■ Required work: Without the pictures, print the lines running from the beginning of the material to the line containing "STEP (ISO 10303-21)", both ends included.
====
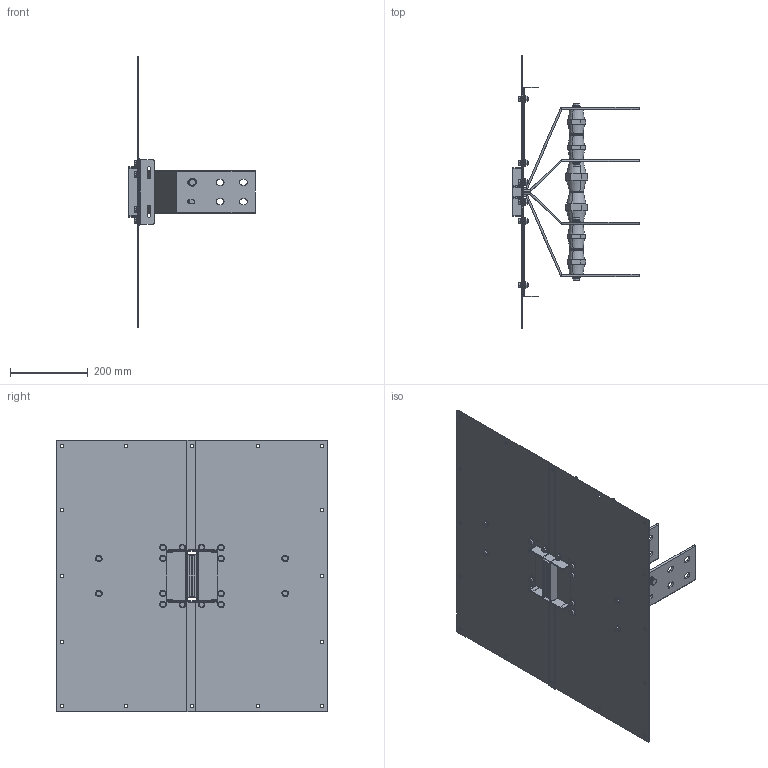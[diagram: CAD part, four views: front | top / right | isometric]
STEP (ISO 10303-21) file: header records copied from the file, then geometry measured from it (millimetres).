
FILE_DESCRIPTION(('CATIA V5 STEP','CAx-IF Rec.Pracs.--- Model Styling and Organization---1.5--- 2016-08-15','CAx-IF Rec.Pracs.---Supplemental Geometry---1.0---2011-11-01','CAx-IF Rec.Pracs.--- Composite Materials ---1.1---2010-07-15'),'2;1');
FILE_NAME('K:\COSCN 2011\32372311_RiduzioneSezioniBarre\03_Studio\__Modelli semplificati\XCP_UB semplificati per studi\XCP-HP_UB_4C_Pe_CRT_Assieme\Al\XCP-HP_UB_4C_Pe_S_Assieme - 1000A Al_CRT\XCP-HP_UB_4C_Pe_S_Assieme - 1000A Al_CRT.stp','2025-05-12T09:30:37+00:00',('Utente Bticino'),('Bticino S.p.A.'),'CATIA Version 5-6 Release 2020 SP5','CATIA V5 STEP AP214 v2','none');
FILE_SCHEMA(('AUTOMOTIVE_DESIGN { 1 0 10303 214 1 1 1 1 }'));
Length unit declared in the file: millimetre
Products named in the file (20): XCP-HP_UB_4C_Pe_S_Assieme - 1000A Al_CRT; XCP-HP_UB_4C_Pe_S_PaccoBarre_1000A Al_CRT; XCP-HP_UB_4C_Pe_S_Lamiere_1000A Al_CRT; Ass_M10x25.1; 00740025 M10x25 UNI5739; Rondella spac M10 UNI 1751; 00750005; 130006; 130184; 130006_1; 130184_1; 130006_2; 130006_3; 00750033 - RONDELLA PIANA 4.8 D.12 UNI 6592 ZB; 00750033 - RONDELLA PIANA 4.8 D.12 UNI 6592 ZB_1; 00750033 - RONDELLA PIANA 4.8 D.12 UNI 6592 ZB_2; Viteria UB H130; Ass Vite+dado M8; Steel hex flanged SCREW M12x16; Steel hex flanged NUT M8
Assembly tree (39 placements, depth 4):
  XCP-HP_UB_4C_Pe_S_Assieme - 1000A Al_CRT
    XCP-HP_UB_4C_Pe_S_PaccoBarre_1000A Al_CRT
    XCP-HP_UB_4C_Pe_S_Lamiere_1000A Al_CRT
    Ass_M10x25.1  x6
      00740025 M10x25 UNI5739
      Rondella spac M10 UNI 1751
      00750005
    130006
    130184
    130006_1
    130184_1
    130006_2
    130006_3
    00750033 - RONDELLA PIANA 4.8 D.12 UNI 6592 ZB
    00750033 - RONDELLA PIANA 4.8 D.12 UNI 6592 ZB_1
    00750033 - RONDELLA PIANA 4.8 D.12 UNI 6592 ZB_2
    Viteria UB H130
      Ass Vite+dado M8  x16
        Steel hex flanged SCREW M12x16
        Steel hex flanged NUT M8
Bounding box: 325 x 700 x 700 mm (x, y, z)
Volume: 2723903.3 mm3; surface area: 1771148.6 mm2
Topology: 73 solids, 73 shells, 1660 faces, 3976 edges, 2500 vertices
Faces by surface type: plane 728, cylinder 492, cone 200, bspline 176, torus 64
Entity records: 23761 total; most frequent: CARTESIAN_POINT 5192, ORIENTED_EDGE 3944, DIRECTION 3114, EDGE_CURVE 1972, AXIS2_PLACEMENT_3D 1368, VERTEX_POINT 1260, VECTOR 1128, LINE 1128
====
■ Completed exercise:
[diagram: CAD part, four views: front | top / right | isometric]
STEP (ISO 10303-21) file: header records copied from the file, then geometry measured from it (millimetres).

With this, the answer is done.